Content starts

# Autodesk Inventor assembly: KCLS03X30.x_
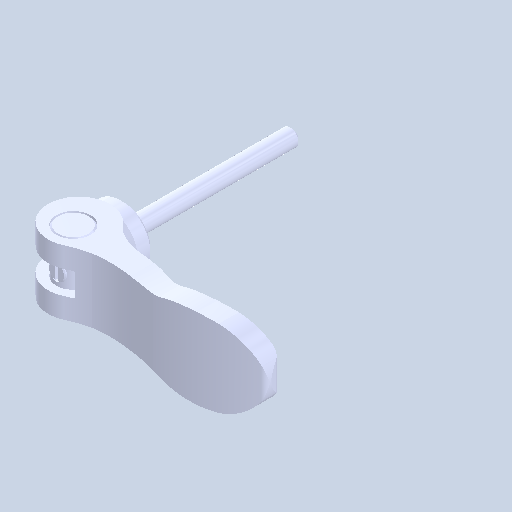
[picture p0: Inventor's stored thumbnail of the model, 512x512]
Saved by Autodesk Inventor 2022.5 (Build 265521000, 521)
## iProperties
Created: 2024-08
Part Number: KCLS03X30.x_
Document SubType Name: Assembly
Designer: ImaoCorp
Author: ImaoCorp
Sending System: SOLIDWORKS 2022-2022290
MC: AMD64
MC_MODEL: Intel64 Family 6 Model 60 Stepping 3, GenuineIntel
OS: Windows_NT
FRU: Parasolid Version 33.1, build 260,  4-25-2022
FORMAT: text
GUISE: transmit
KEY: FILEKCLS03X30.x_t
DATE: Thu Aug 29 10:53:57 2024
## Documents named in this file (5)
- Y:\5.更新分\2024年対応\1001_KCL\データ\kcls03x30\KCLS03X30.x_.iam
- Y:\5.更新分\2024年対応\1001_KCL\データ\kcls03x30\KCLS03X30_01.ipt
- Y:\5.更新分\2024年対応\1001_KCL\データ\kcls03x30\KCLS03X30_02.ipt
- Y:\5.更新分\2024年対応\1001_KCL\データ\kcls03x30\KCLS03X30_03.ipt
- Y:\5.更新分\2024年対応\1001_KCL\データ\kcls03x30\KCLS03X30_04.ipt
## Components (4 placed, 4 different names)
1. KCLS03X30_01
2. KCLS03X30_02
3. KCLS03X30_03
4. KCLS03X30_04
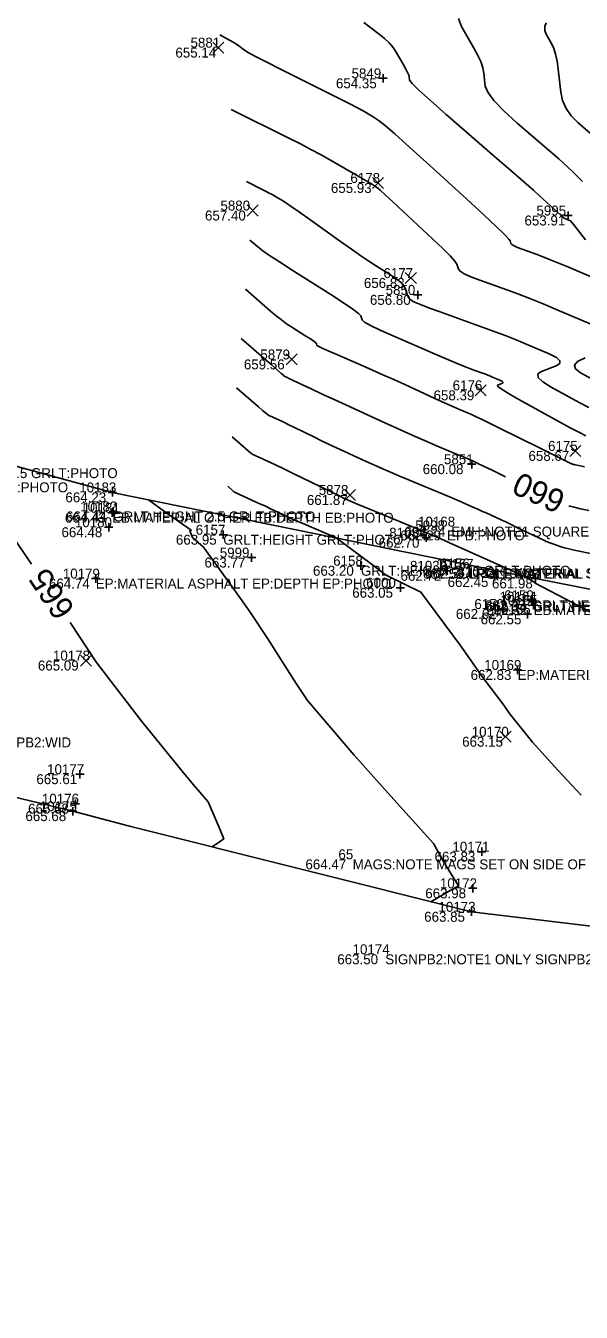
# Model space of a CAD drawing. Extents: x 2129350 to 2137777, y 657588 to 659885.
# Drawn here: x 2132748 to 2132814.9, y 658773.5 to 658928.5 of the extents above; entities that cross this region are included whole.
import ezdxf

# ---------------------------------------------------------------- set-up
doc = ezdxf.new("R2010")
doc.units = 0
for name, color, linetype in [('DT_X_Contour_Major', 7, 'Continuous'), ('DT_X_Contour_Minor', 7, 'Continuous'), ('DT_X_TIN_Hull', 7, 'Continuous'), ('SV_X_Random_Point', 7, 'Continuous'), ('SV_X_Shot_Marker', 7, 'Continuous'), ('SV_X_Text_Comment', 7, 'Continuous'), ('SV_X_Text_Elevation', 7, 'Continuous'), ('SV_X_Text_Name', 7, 'Continuous')]:
    doc.layers.add(name, color=color, linetype=linetype)

msp = doc.modelspace()

# ---------------------------------------------------------------- linework, layer by layer
at = {"layer": 'DT_X_Contour_Major'}
for points in [[(2132771.36, 658927.4), (2132772.98, 658926.51), (2132773.12, 658926.43), (2132773.2, 658926.38), (2132773.32, 658926.3), (2132773.49, 658926.17), (2132774.34, 658925.53), (2132774.79, 658925.26), (2132775.66, 658924.78), (2132776.96, 658924.12), (2132778.67, 658923.25), (2132783.82, 658920.69), (2132785.57, 658919.81), (2132786.95, 658919.11), (2132787.96, 658918.59), (2132788.61, 658918.23), (2132789.84, 658917.52), (2132790.44, 658917.11), (2132791.3, 658916.43), (2132792.43, 658915.46), (2132793.82, 658914.21), (2132797.9, 658910.51), (2132799.34, 658909.2), (2132800.59, 658908.06), (2132801.66, 658907.07), (2132802.54, 658906.25), (2132804.65, 658904.29), (2132805.35, 658903.63), (2132805.85, 658903.12), (2132806.17, 658902.77), (2132806.3, 658902.57), (2132806.4, 658902.26), (2132806.51, 658902.12), (2132806.78, 658901.96), (2132807.19, 658901.78), (2132807.75, 658901.56), (2132809.45, 658900.95), (2132810.17, 658900.69), (2132811.04, 658900.34), (2132812.07, 658899.92), (2132813.25, 658899.42), (2132816.62, 658897.98)], [(2132805.77, 658874.13), (2132805.36, 658874.33), (2132804.06, 658874.96), (2132803.11, 658875.42), (2132802.49, 658875.72), (2132802.22, 658875.86), (2132801.94, 658875.99), (2132801.74, 658876.09), (2132801.32, 658876.27), (2132800.7, 658876.53), (2132799.86, 658876.88), (2132797.36, 658877.93), (2132796.27, 658878.39), (2132794.89, 658879), (2132793.21, 658879.76), (2132791.24, 658880.66), (2132785.58, 658883.25), (2132783.69, 658884.11), (2132782.27, 658884.77), (2132781.31, 658885.21), (2132780.82, 658885.45), (2132780.12, 658885.79), (2132779.88, 658885.91), (2132779.7, 658886), (2132779.56, 658886.06), (2132779.48, 658886.1), (2132779.32, 658886.17), (2132779.27, 658886.19), (2132779.23, 658886.21), (2132779.2, 658886.22), (2132779.19, 658886.23), (2132779.16, 658886.24), (2132779.06, 658886.33), (2132778.76, 658886.59), (2132778.26, 658887.02), (2132777.58, 658887.62), (2132773.93, 658890.8)], [(2132748.72, 658863.6), (2132748.23, 658864.33), (2132746.5, 658866.86), (2132742.65, 658871.71), (2132742.17, 658872.93), (2132741.44, 658873.87), (2132735.65, 658877.07), (2132733.28, 658878.36), (2132730.2, 658879.96)], [(2132815.77, 658870.09), (2132814.79, 658870.3), (2132814.03, 658870.47), (2132813.51, 658870.6), (2132813.39, 658870.63)], [(2132770.45, 658829.55), (2132771.46, 658830.22), (2132771.85, 658830.52), (2132771.41, 658831.6), (2132769.96, 658834.97), (2132768.19, 658837.03), (2132766.84, 658838.69), (2132761.98, 658844.64), (2132756.52, 658851.77), (2132755.43, 658853.42), (2132753.37, 658856.6)]]:
    msp.add_lwpolyline(points, dxfattribs=at)
at = {"layer": 'DT_X_Contour_Minor'}
for points in [[(2132800.11, 658929.34), (2132800.47, 658928.4), (2132801.92, 658925.88), (2132802.4, 658924.98), (2132802.77, 658924.16), (2132803.01, 658923.43), (2132803.14, 658922.79), (2132803.32, 658921.2), (2132803.61, 658920.47), (2132804.35, 658919.49), (2132805.54, 658918.25), (2132807.18, 658916.76), (2132812.16, 658912.44), (2132813.81, 658910.94), (2132815.03, 658909.71)], [(2132788.69, 658928.89), (2132790.55, 658927.49), (2132791.21, 658926.96), (2132791.77, 658926.41), (2132792.23, 658925.86), (2132792.61, 658925.29), (2132793.48, 658923.77), (2132793.77, 658923.25), (2132793.98, 658922.84), (2132794.12, 658922.53), (2132794.18, 658922.32), (2132794.22, 658921.91), (2132794.51, 658921.53), (2132795.34, 658920.72), (2132796.71, 658919.48), (2132798.62, 658917.8), (2132804.43, 658912.75), (2132806.41, 658911.03), (2132807.96, 658909.67), (2132809.11, 658908.66), (2132809.84, 658908.01), (2132812.05, 658906), (2132812.41, 658905.67), (2132812.64, 658905.46), (2132812.68, 658905.42), (2132812.71, 658905.39), (2132812.72, 658905.37), (2132812.72, 658905.35), (2132812.73, 658905.34), (2132812.75, 658905.32), (2132812.79, 658905.31), (2132813.03, 658905.22), (2132813.19, 658905.15), (2132813.56, 658905), (2132813.83, 658904.71), (2132814.43, 658903.95), (2132815.37, 658902.71)], [(2132810.64, 658928.83), (2132810.47, 658928.38), (2132810.47, 658927.92), (2132810.65, 658927.47), (2132811.34, 658926.26), (2132811.59, 658925.73), (2132811.79, 658925.05), (2132811.97, 658924.23), (2132812.1, 658923.27), (2132812.41, 658920.49), (2132812.63, 658919.48), (2132813.05, 658918.53), (2132813.66, 658917.65), (2132814.48, 658916.82), (2132816.91, 658914.71)], [(2132772.76, 658918.41), (2132779.6, 658915), (2132781.02, 658914.28), (2132782.34, 658913.59), (2132783.56, 658912.93), (2132784.69, 658912.3), (2132787.56, 658910.64), (2132788.52, 658910.08), (2132789.25, 658909.65), (2132789.75, 658909.35), (2132790.01, 658909.18), (2132790.4, 658908.91), (2132790.69, 658908.66), (2132791.29, 658908.11), (2132792.2, 658907.28), (2132793.41, 658906.16), (2132797.03, 658902.77), (2132798.23, 658901.63), (2132799.1, 658900.75), (2132799.66, 658900.13), (2132799.89, 658899.77), (2132800.08, 658899.17), (2132800.29, 658898.91), (2132800.8, 658898.61), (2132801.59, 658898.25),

Content ends

◆ Problem requirements: Restate word for word the entries above from the line with "Part Number: KCLS03X30.x_" through the line with "## Documents named in this file (5)", inclusive, leaving out everything else.

◆ Exercise answer:
Part Number: KCLS03X30.x_
Document SubType Name: Assembly
Designer: ImaoCorp
Author: ImaoCorp
Sending System: SOLIDWORKS 2022-2022290
MC: AMD64
MC_MODEL: Intel64 Family 6 Model 60 Stepping 3, GenuineIntel
OS: Windows_NT
FRU: Parasolid Version 33.1, build 260,  4-25-2022
FORMAT: text
GUISE: transmit
KEY: FILEKCLS03X30.x_t
DATE: Thu Aug 29 10:53:57 2024
## Documents named in this file (5)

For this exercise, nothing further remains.